JS Bach was born on this day (in 1685) and this tea feels joyful and allegro like one of his violin sonata. Like Bach's music, Da Yu Ling Oolong flows with grace and energy, aiming for the divine!
The new spring season is going to unleash new energy in nature. Stones will be stones, big trees will grow a little and new green leaves will appear. Time does not have the same impact on nature. Leaves are the most sensitive to springtime and its energy. Within weeks, tiny buds will appear and turn into big, mature leaves. We can just marvel how the Oolong process turns these tender leaves into hard little 'stones' and how well spring's freshness and aromas are preserved in them!

Tuesday, March 19, 2019

Top fall 2010 Oriental Beauty in 2 Chaxi

The leaves smell of dark, bitter chocolate, but the brew tastes very sweet! This is the 'magic' and complexity of aged Oolong. The taste becomes more and more round, deep and mellow, while the aromas slowly evolve and shed their fresh production smells.
 In this golden Chaxi setting, the color of the brew shines bright. It reflects the perfume like scents and silky taste of this excellent Oriental Beauty. I made this Chaxi a month ago, with artificial lights for crisp and warm colors.

 Today, I brewed the same top OB of fall 2010 again. I know this, because the Chaxi features the same qinghua jar (in which I've stored my share of this tea). And that's also why I'm brewing it again in the same Yixing teapot, because it worked well in it.

This time the light is natural, indirect and the Chabu has a darker mood. It reflects better the colors of mid March as the northern hemisphere makes its transition from darkness to light. In a month or so, I'll receive direct sunshine at this spot in the afternoon and the feeling will be transformed again.

So, even if we are brewing the same tea, it won't be/feel exactly the same, because you brew it in different settings, different light, different seasons, at different outside temperatures...
Today, the OB felt richer, deeper, darker.
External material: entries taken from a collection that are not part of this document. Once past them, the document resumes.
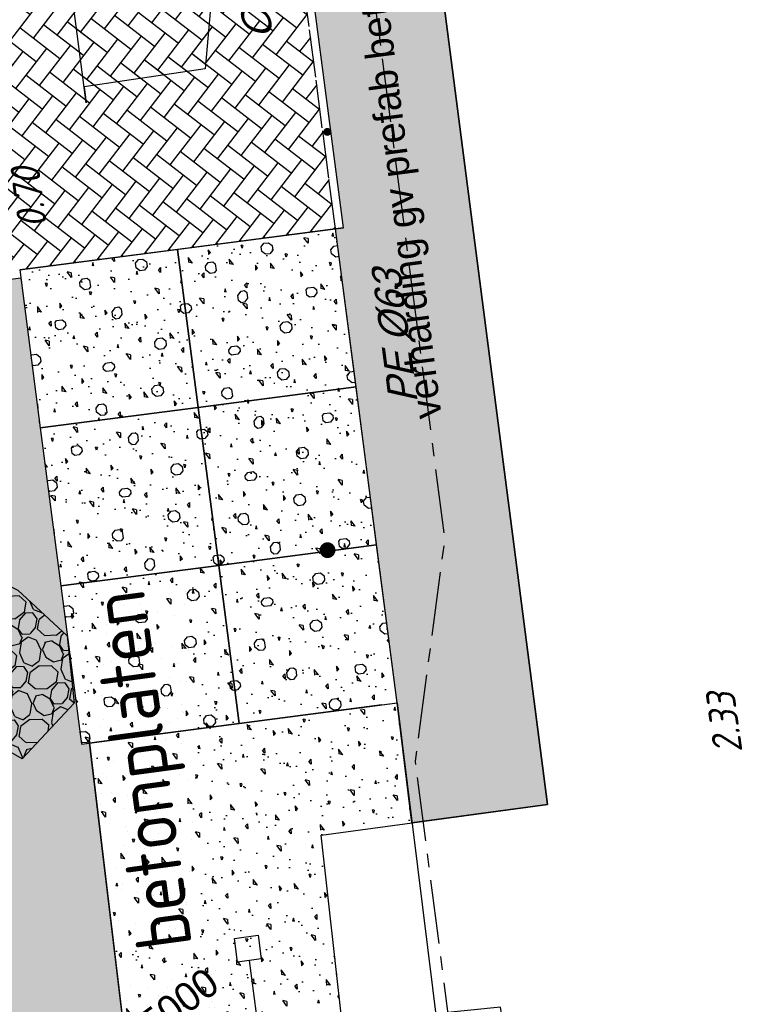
# Model space of a CAD drawing. Extents: x 117893332 to 118394757, y 454959407 to 455669244.
# Tile 268 of 330: x 118211454 to 118220631, y 455317249 to 455329606. Entities that reach past the tile are written whole.
import ezdxf

# ---------------------------------------------------------------- set-up
doc = ezdxf.new("R2010")
doc.units = 0
doc.header["$LTSCALE"] = 200
for name, pattern in [('Tauw_L_Center2', [6.499, 4, -0.833, 0.833, -0.833]), ('TAUW_OPSLUITBAND_mm', [3.2, 3, -0.2]), ('TAUW_TROTTOIRBAND_mm', [2, 1, -1])]:
    doc.linetypes.add(name, pattern=pattern)
doc.layers.get('0').update_dxf_attribs({"linetype": 'CONTINUOUS'})
doc.layers.add('INFO', color=6, linetype='CONTINUOUS', plot=False)
for name, color, linetype in [('ZU_B_-_MB0090--MAAIVELD_DUN~-_001--', 1, 'CONTINUOUS'), ('ZU_B_-_XX------extern-TEK-T19', 231, 'CONTINUOUS'), ('ZU_B_A_EV02----_kant rijbaan gv beton prefabplaat~-_-----', 253, 'CONTINUOUS'), ('ZU_B_A_EV02----_kant verharding gv betongoot', 253, 'CONTINUOUS'), ('ZU_B_A_HV02AAR-_arcering verharding gv beton~v_-----', 253, 'CONTINUOUS'), ('ZU_B_D_EB00----ONDERDEEL~-_-----', 7, 'CONTINUOUS'), ('ZU_N_-_AL999---LB_PE-63_sdr00__18_^200~-_-----', 7, 'CONTINUOUS'), ('ZU_N_-_AV02----_kant verharding gv prefab beton__18_^200~-_-----', 253, 'CONTINUOUS'), ('ZU_N_-_DX1AMA--_maatvoering_BGR__18_^200', 7, 'CONTINUOUS'), ('ZU_N_-_EL999---LB_PE-63_sdr00~H_-----', 2, 'Tauw_L_Center2'), ('ZU_N_-_EL999---LK_pvc125_sdr34~H_-----', 2, 'Tauw_L_Center2'), ('ZU_N_-_EL999---SYM_STRAATKOLK~-_----c', 7, 'Tauw_L_Center2'), ('ZU_N_-_TVRH----tekst__18_^200~-_-----', 253, 'CONTINUOUS'), ('ZU_N_A_EV00----_Opsluitband_100x200~A_-----', 253, 'CONTINUOUS'), ('ZU_N_A_EV00----_Opsluitband_100x200~Z_-----', 253, 'TAUW_OPSLUITBAND_mm'), ('ZU_N_A_EV02----_kant molgoot ov betonstraatsteen~k_-----', 253, 'CONTINUOUS'), ('ZU_N_A_EV02----_kant verharding gv prefab beton~k_-----', 253, 'CONTINUOUS'), ('ZU_N_A_EV02----_kant verharding ov betonstraatsteen-halfsteensverband~k_-----', 253, 'CONTINUOUS'), ('ZU_N_A_EV02----_kant verharding ov betonstraatsteen-keperverband~k_-----', 253, 'CONTINUOUS'), ('ZU_N_A_EV09----_Trottoirband_130-150-250~A_-----', 253, 'CONTINUOUS'), ('ZU_N_A_EV09----_Trottoirband_130-150-250~Z_-----', 253, 'TAUW_TROTTOIRBAND_mm'), ('ZU_N_A_HV01----_arcering verharding gv asfalt~v_-----', 253, 'CONTINUOUS'), ('ZU_N_A_HV01----_arcering verharding ov grind~v_-----', 253, 'CONTINUOUS'), ('ZU_N_A_HV01AAR-_arcering verharding ov grind~s_-----', 253, 'CONTINUOUS'), ('ZU_N_A_HV02----_arcering verharding gv prefab beton~v_-----', 253, 'CONTINUOUS'), ('ZU_N_A_HV02----molgoot ov betonstraatsteen~v_-----', 253, 'CONTINUOUS'), ('ZU_N_A_HVRH----_arcering verharding ov betonstraatsteen-keperverband~v_-----', 253, 'CONTINUOUS'), ('ZU_N_A_HVRHAAR-_arcering verharding ov betonstraatsteen-keperverband~s_-----', 253, 'CONTINUOUS'), ('ZU_N_L_AV00----_Opsluitband_100x200__18_^100~-_-----', 253, 'CONTINUOUS'), ('ZU_N_L_AV02----_kant verharding gv prefab beton__18_^200~-_-----', 253, 'CONTINUOUS')]:
    doc.layers.add(name, color=color, linetype=linetype)
doc.layers.add('ZU_N_-_DX1AMA--_maatvoering_LIN__18_^200', color=7, linetype='CONTINUOUS', lineweight=18)
doc.styles.add('civiel', font='civiel.shx')
doc.styles.add('ISO', font='ISO')
doc.styles.add('TAUW-ISOCP', font='tcb_isocp.shx')
doc.dimstyles.new('tzu18-dot_^200', dxfattribs={"dimscale": 200, "dimtxt": 1.8, "dimasz": 3, "dimexe": 2, "dimexo": 0, "dimgap": 0.5, "dimtad": 1, "dimdec": 0, "dimzin": 0, "dimdsep": 46, "dimtxsty": 'TAUW-ISOCP', "dimblk": 'DOTSMALL', "dimcen": 2, "dimdle": 1.5, "dimclre": 8, "dimadec": 0, "dimazin": 0, "dimtp": 1, "dimtm": 1, "dimtfac": 1, "dimtix": 1, "dimtmove": 1, "dimatfit": 3, "dimldrblk": 'DOTSMALL', "dimfxl": 1, "dimtvp": 0.5, "dimtolj": 1, "dimtzin": 0, "dimlwd": -1, "dimlwe": 5, "dimarcsym": 0})
pattern_1 = [(107.01916, (118248320.54, 455213719.26), (-554.5622, 109.9727), [42.8703, -1032.6574]), (255.36933, (118248330.1, 455213755.9), (554.5622, -109.9727), [37.8362, -911.3978]), (168.78345, (118248330.1, 455213755.9), (-239.7644, -918.454), [22.535, -542.826]), (107.01916, (118248360.9, 455214087.95), (-554.5622, 109.9727), [42.8703, -1032.6574]), (255.36933, (118248348.33, 455214128.94), (554.5622, -109.9727), [37.8362, -911.3978]), (168.78345, (118248360.9, 455214087.95), (-239.7644, -918.454), [22.535, -542.826]), (127.3678, (118248213.5, 455214525), (-794.327, -808.482), [45.927, -1386.463]), (225.506, (118248213.5, 455214525), (869.36, -1138.4), [36.34, -1097.06]), (272.2071, (118248185.6, 455214561.5), (794.3266, 808.4815), [62.469, -1885.858]), (127.3678, (118247921.6, 455213665.4), (-794.327, -808.482), [45.927, -1386.463]), (225.506, (118247921.6, 455213665.4), (869.36, -1138.4), [36.34, -1097.06]), (272.2071, (118247893.75, 455213701.9), (794.3266, 808.4815), [62.469, -1885.858]), (127.3678, (118247644.8, 455214609), (-794.327, -808.482), [45.927, -1386.463]), (225.506, (118247644.8, 455214609), (869.36, -1138.4), [36.34, -1097.06]), (272.2071, (118247616.9, 455214645.5), (794.3266, 808.4815), [62.469, -1885.858]), (127.3678, (118248090.9, 455214222.4), (-794.327, -808.482), [45.927, -1386.463]), (225.506, (118248088.5, 455214284.8), (869.36, -1138.4), [36.34, -1097.06]), (272.2071, (118248088.5, 455214284.8), (794.3266, 808.4815), [62.469, -1885.858]), (127.3678, (118248634.9, 455214157), (-794.327, -808.482), [45.927, -1386.463]), (225.506, (118248632.5, 455214219.4), (869.36, -1138.4), [36.34, -1097.06]), (272.2071, (118248632.5, 455214219.4), (794.3266, 808.4815), [62.469, -1885.858]), (127.3678, (118248304.6, 455215168.8), (-794.327, -808.482), [45.927, -1386.463]), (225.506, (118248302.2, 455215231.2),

And it brought a lot of warmth to my hands in particular! Not just because of the changes of light and chabu, but also because of the way brewed it (a little bit longer, more concentrated, in harmony with the mood, the season...) Complex teas like Oolongs have more than one face, one character. That's why it's possible to express different moods and aromas with them! The harmonious match between tea, feeling and chabu is key to meaningful and beautiful tasting.

Monday, March 18, 2019

La différence entre les Song et les Ming en 2 peintures

Empereur Song Zhezong (1077-1100)
La représentation picturale de l'empereur est un acte politique comme la photo officielle du président à l'Elysée. Tout est symbole. Ces 2 portraits d'empereur s'opposent en presque tout.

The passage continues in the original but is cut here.